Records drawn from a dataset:
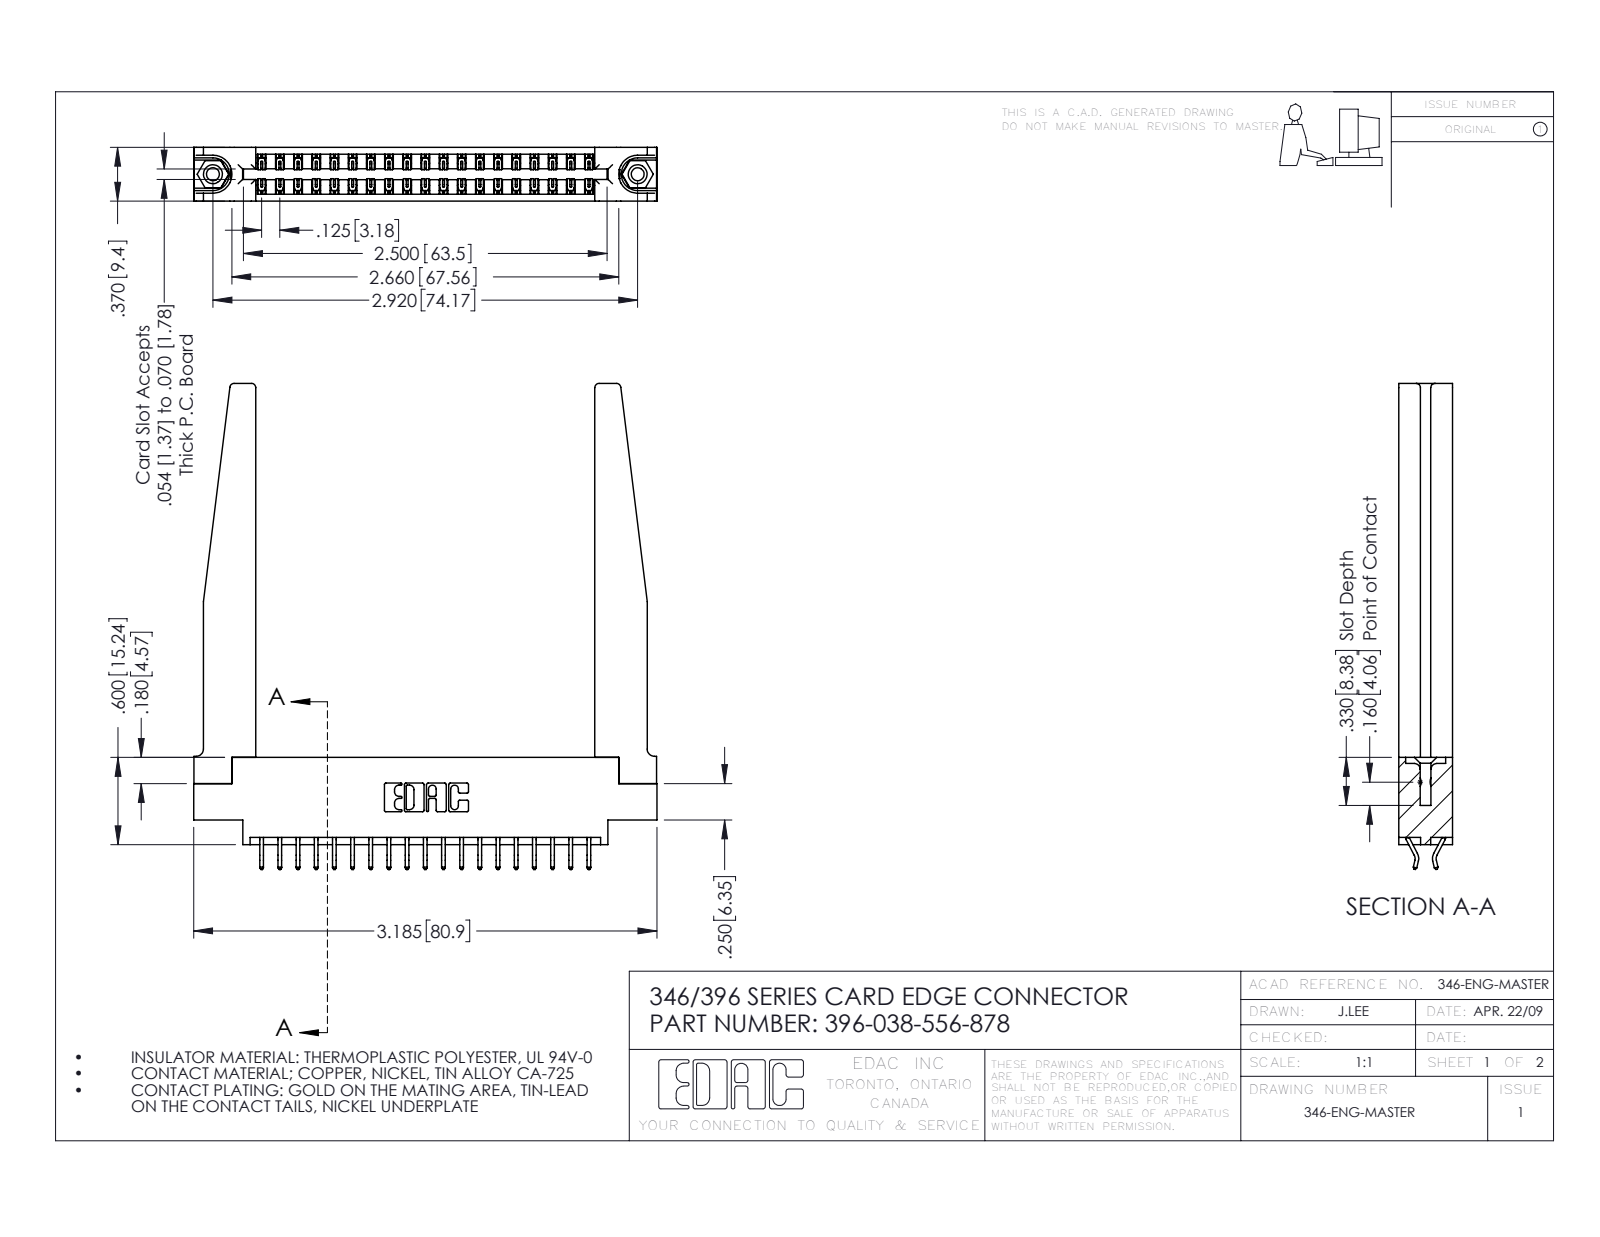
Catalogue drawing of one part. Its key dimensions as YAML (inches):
part_name: "346 Part_0.170 Offset - 0.156 Dia-TH; 345-250-001_345-250-001-102; 396-038-556-878; 345-292-001_556 Tail (+1 more)"
step_written_by: "SolidWorks 2016 (CONFIG_CONTROL_DESIGN)"
units: inches
bodies: {solids: 43, faces: 2564, planar: 1704, cylindrical: 808, other: 52}
overall_size: [3.34, 3.185, 0.37]
volume: 0.883
surface_area: 25.89
round_holes:
  - {diameter: 0.089, count: 2}
  - {diameter: 0.125, count: 2}
  - {diameter: 0.156, count: 2}
  - {diameter: 0.064, count: 1}
round_bosses_or_shafts:
  - {diameter: 0.155, count: 2}
partial_cylinders:
  - {radius: 0.006, count: 57}
  - {radius: 0.01, count: 22}
  - {radius: 0.03, count: 8}
  - {radius: 0.007, count: 6}
  - {radius: 0.031, count: 6}
  - {radius: 0.05, count: 4}
  - {radius: 0.026, count: 3}
  - {radius: 0.01, count: 2}
face_to_face_distances: [0.37, 0.048, 0.322, 0.072, 0.148, 0.15, 0.25, 0.025, 0.298, 0.275]
hole_center_spacings: [0.246, 2.713, 2.92]
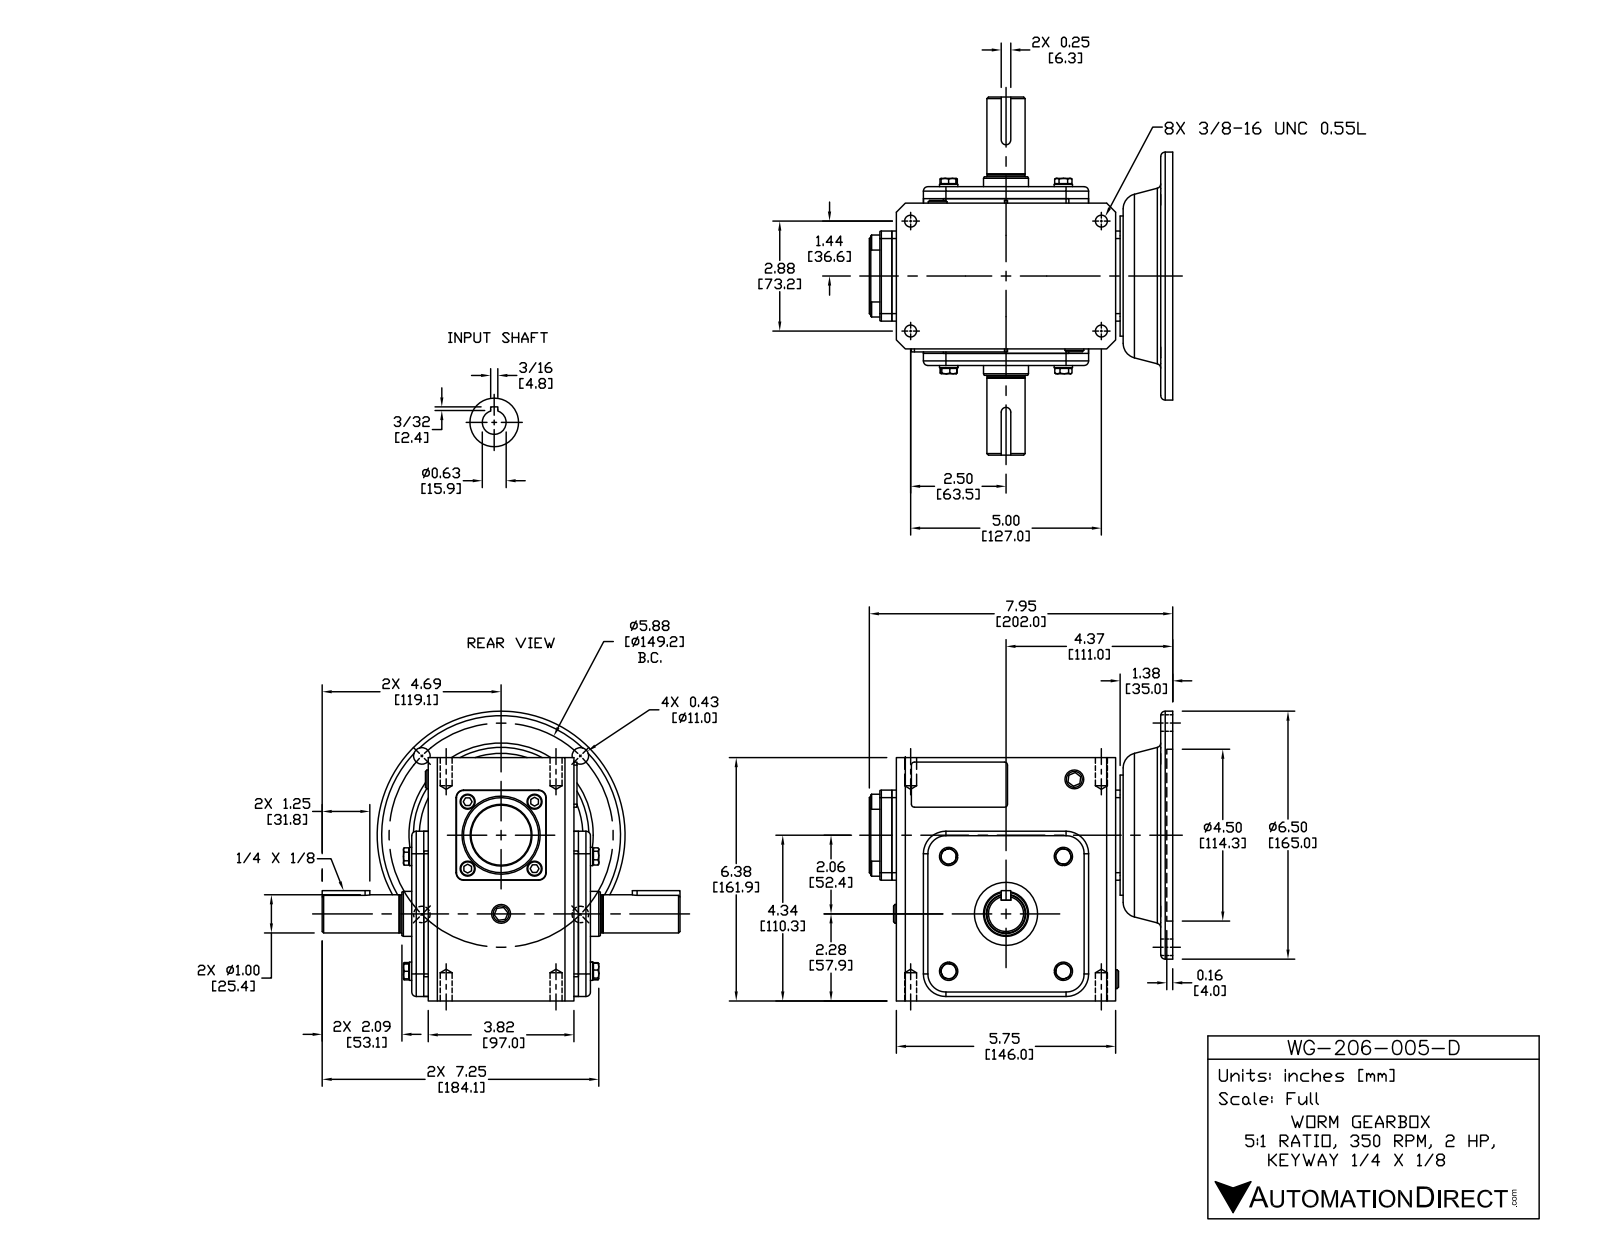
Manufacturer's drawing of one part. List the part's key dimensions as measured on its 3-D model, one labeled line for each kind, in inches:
Part name (STEP PRODUCT): WG-206-005-D
STEP written by: SolidWorks 2015 (CONFIG_CONTROL_DESIGN)
Units: inches
Bodies: 45 solids, 639 faces (311 planar, 194 cylindrical, 134 other)
Overall size (bounding box): 9.38 × 7.953 × 7.591
Volume: 174.7 in³ · Surface area: 422.9 in²
Round holes (diameter × count): ⌀0.313 ×4, ⌀0.406 ×4, ⌀0.591 ×1, ⌀0.625 ×1, ⌀1.181 ×1, ⌀1.457 ×1, ⌀1.654 ×1, ⌀3.543 ×1, ⌀4.5 ×1
Round bosses / shafts (diameter × count): ⌀0.394 ×8, ⌀0.48 ×4, ⌀6.496 ×1, ⌀3.15 ×1, ⌀2.047 ×1, ⌀1.575 ×1, ⌀1.181 ×1, ⌀1.142 ×1
Partial cylindrical surfaces — rounded edges, fillets, slot ends (radius × count): R0.079 ×8, R0.118 ×8, R0.197 ×4, R0.591 ×4, R0.02 ×2, R0.039 ×2, R0.125 ×2, R2.717 ×1
Main face-to-face distances: 0.315, 0.118, 4.055, 0.433, 4.37, 4.252, 3.937, 6.375, 4.685, 0.709
Hole centre spacings: 2.937, 4.154, 2.077, 2.88, 4.631, 5, 5.77, 5.875
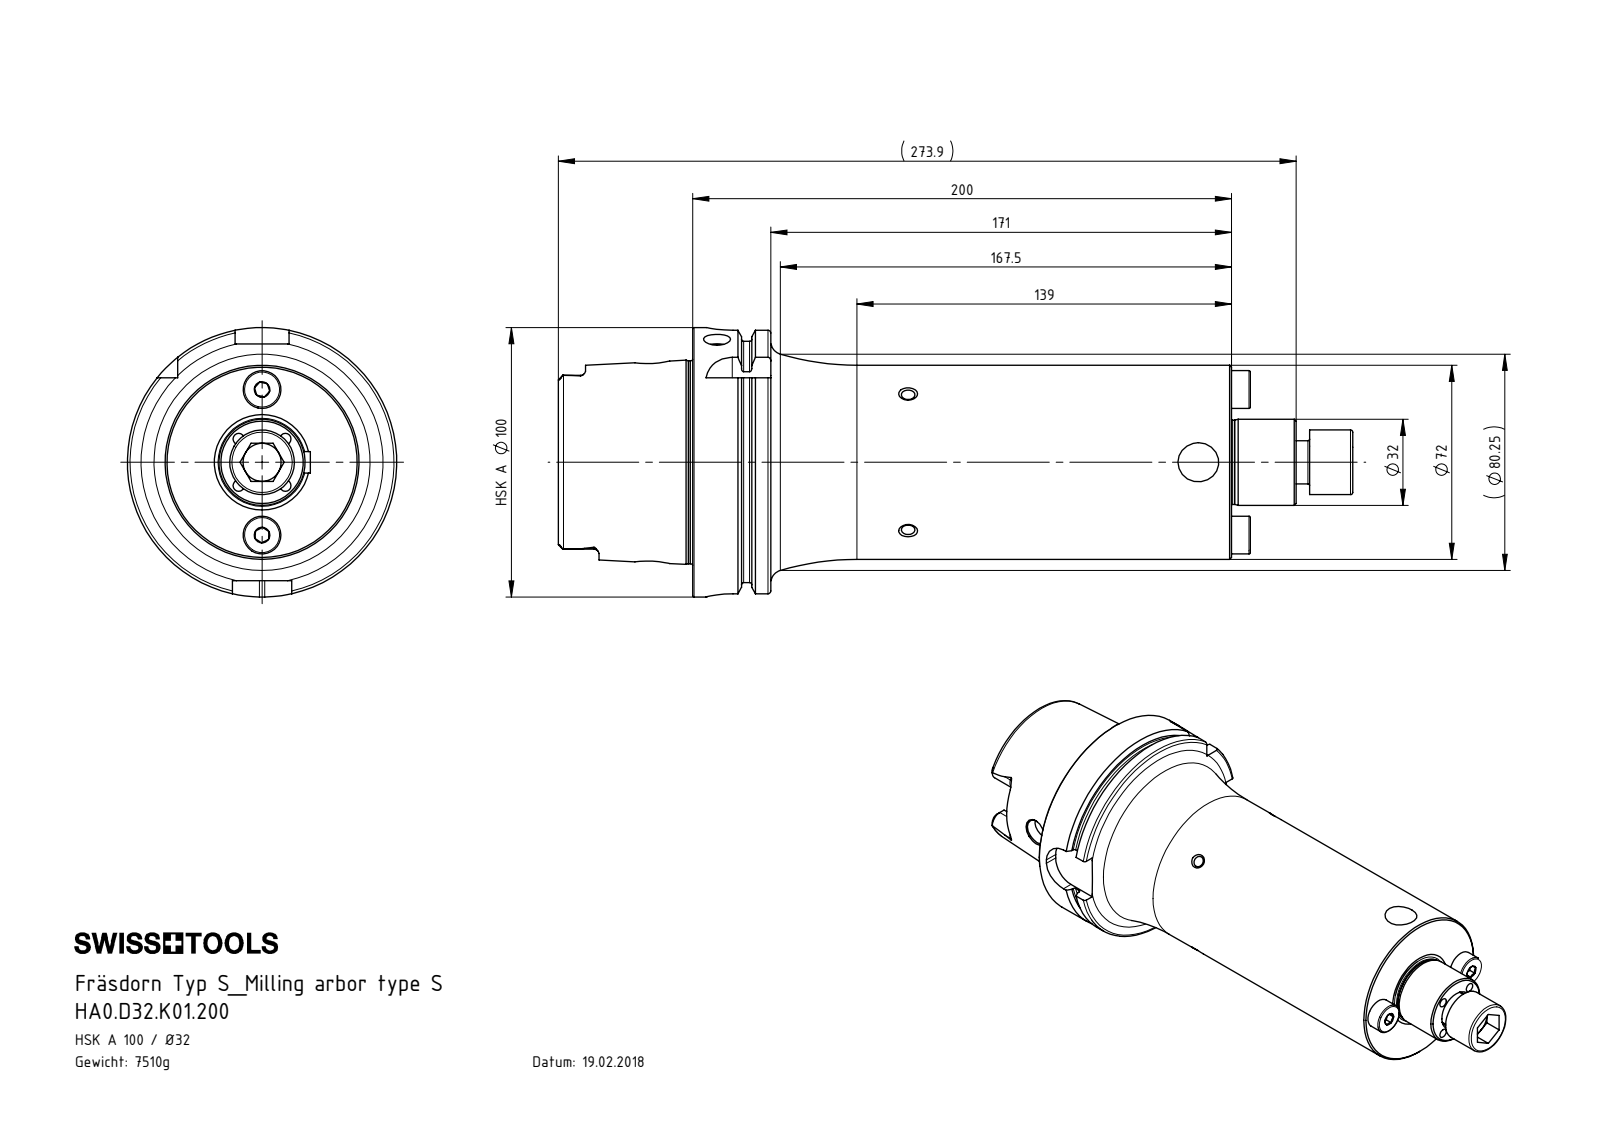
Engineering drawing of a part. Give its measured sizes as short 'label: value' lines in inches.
name: HA0-D32.K01.200_C_Fertigbearbeitung; D32-ER2.001.022_B; HA0.D32.K01.200; DIN 6885 - 8x7x16 (+1 more)
written by: SolidWorks 2017 (AUTOMOTIVE_DESIGN)
unit: in
bodies: 5 solids, 373 faces (91 planar, 119 cylindrical, 163 other)
size: 11.61 × 3.937 × 3.937
volume: 59.06 in³; area: 168.1 in²
holes: 6× ⌀0.165, 6× ⌀0.197, 4× ⌀0.472, 3× ⌀0.394, 1× ⌀0.551, 1× ⌀0.669, 1× ⌀0.886, 1× ⌀1.024, 1× ⌀2.087, 1× ⌀2.48
bosses: 2× ⌀0.551, 2× ⌀0.236, 2× ⌀0.181, 1× ⌀3.937, 1× ⌀3.62, 1× ⌀2.963, 1× ⌀2.835, 1× ⌀1.26
rounds: 6× R0.075, 4× R0.157, 4× R0.192, 4× R0.394
face distances: 7.874, 0.49, 7.384, 1.14, 0.65, 6.734, 1.965, 2.455, 3.104, 9.839
hole spacings: 0.482, 0.682, 0.798, 1.445, 4.333, 0.964, 1.063, 2.126

What you are asked to do: Lines holding the word "planar" in the records above: how many are there? Answer with the number only.

Response below: 3